Spectral denoising: electronic denoising

The electronic_denoising function removes obvious electronic noise ions in MS/MS spectra, usually shown as multiple ions with identical intensities ( Grass noise )

According to empiracally tested on NIST23 database, in a given spectrum, the number of ions with identical intensities more than 4 is extremely unlikely (< 0.05%). Thus, the electronic_denoising function removes ions with identical intensities greater than 4.

Here’s an example:

import spectral_denoising as sd
from spectral_denoising.noise import *
peak = np.array([[69.071, 7.917962], [86.066, 1.021589], [86.0969, 100.0]], dtype=np.float32)
pmz = 91
noise = generate_noise(pmz, lamda=10, n = 50)
peak_with_noise = add_noise(peak, noise)

peak_denoised = sd.electronic_denoising(peak)
print(f'Entropy similarity of spectra with noise: {sd.entropy_similairty(peak_with_noise,peak, pmz ):.2f}.')
print(f'Entropy similarity of spectra with noise: {sd.entropy_similairty(peak_denoised,peak, pmz ):.2f}.')

The output will be:

Entropy similarity of spectra with noise: 0.37.
Entropy similarity of spectra with noise: 1.00.

References

spectral_denoising.electronic_denoising(msms)[source]

Perform electronic denoising on a given mass spectrometry (MS/MS) spectrum. This function processes the input MS/MS spectrum by sorting the peaks based on their intensity, and then iteratively selects and confirms peaks based on a specified intensity threshold. The confirmed peaks are then packed and sorted before being returned.

Parameters:

msms (np.ndarray): The first item is always m/z and the second item is intensity.

Returns:

np.ndarray: The cleaned spectrum with electronic noises removed. If no ion presents, will return np.nan.

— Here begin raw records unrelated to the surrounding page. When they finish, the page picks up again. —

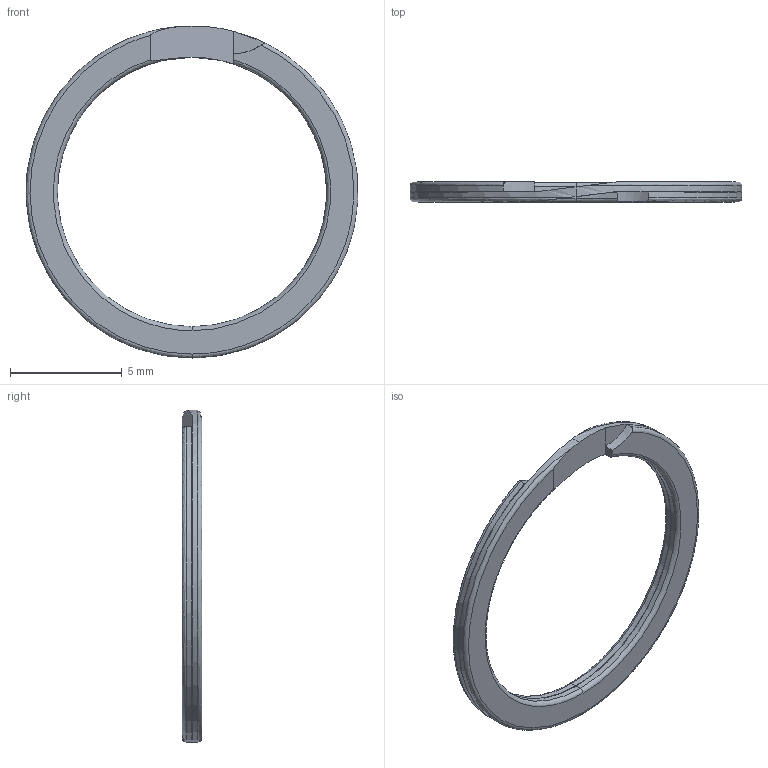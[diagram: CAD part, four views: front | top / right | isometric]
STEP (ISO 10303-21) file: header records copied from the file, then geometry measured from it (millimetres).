
FILE_DESCRIPTION (( 'STEP AP203' ), '1' );
FILE_NAME ('EH-14_Snap_Ring.STEP', '2020-12-18T22:04:43', ( '' ), ( '' ), 'SwSTEP 2.0', 'SolidWorks 2020', '' );
FILE_SCHEMA (( 'CONFIG_CONTROL_DESIGN' ));
Length unit declared in the file: millimetre
Products named in the file (1): EH-14_Snap_Ring
Bounding box: 14.84 x 0.89 x 14.85 mm (x, y, z)
Volume: 47.4 mm3; surface area: 281.7 mm2
Topology: 1 solids, 1 shells, 26 faces, 68 edges, 44 vertices
Faces by surface type: cylinder 10, bspline 8, plane 8
Entity records: 1035 total; most frequent: CARTESIAN_POINT 389, ORIENTED_EDGE 136, DIRECTION 106, EDGE_CURVE 68, VERTEX_POINT 44, AXIS2_PLACEMENT_3D 43, FACE_OUTER_BOUND 26, EDGE_LOOP 26

spectral_denoising.noise.generate_noise(pmz, lamda, n=100)[source]

Generate synthetic electronic noise for spectral data.

Parameters:

pmz (float): The upper bound for the mass range.

lamda (float): The lambda parameter for the Poisson distribution, which serves as both mean and standard deviation of the distribution.

n (int, optional): The number of random noise ions to generate. Defaults to 100.

Returns:

np.array: A synthetic spectrum with electronic noise.

spectral_denoising.noise.generate_chemical_noise(pmz, lamda, polarity, formula_db, n=100)[source]

Generate chemical noise for a given mass-to-charge ratio (m/z) and other parameters. The m/z of the chemical noise is taken from a database of all true possible mass values. The detailes about this database can be found paper: LibGen: Generating High Quality Spectral Libraries of Natural Products for EAD-, UVPD-, and HCD-High Resolution Mass Spectrometers

Args:

pmz (float): The target mass-to-charge ratio (m/z) value.

lamda (float): The lambda parameter for the Poisson distribution used to generate intensities, which serves as both mean and standard deviation of the distribution.

polarity (str): The polarity of the adduct, either ‘+’ or ‘-‘.

formula_db (pandas.DataFrame): A DataFrame containing a column ‘mass’ with possible mass values.

n (int, optional): The number of noise peaks to generate. Default is 100.

Returns:

np.array: A synthetic spectrum with chemical noise.

Raises:

ValueError: If the polarity is not ‘+’ or ‘-‘.

spectral_denoising.noise.add_noise(msms, noise)[source]

Add noise to a mass spectrum and process the resulting spectrum. This function takes a mass spectrum and a noise spectrum, standardizes the mass spectrum, adds the noise to it, normalizes the resulting spectrum, and sorts it.

Args:

msms (np.ndarray): The mass spectrum to which noise will be added.

noise (np.ndarray): The noise spectrum to be added to the mass spectrum.

Returns:

np.ndarray: The processed mass spectrum after adding noise, normalization, and sorting.

Notes:
  • The noise spectrum is generated with intensity as ralatie measure (from 0-1)

  • Thus, the mass spectrum is standardized using the standardize_spectrum function.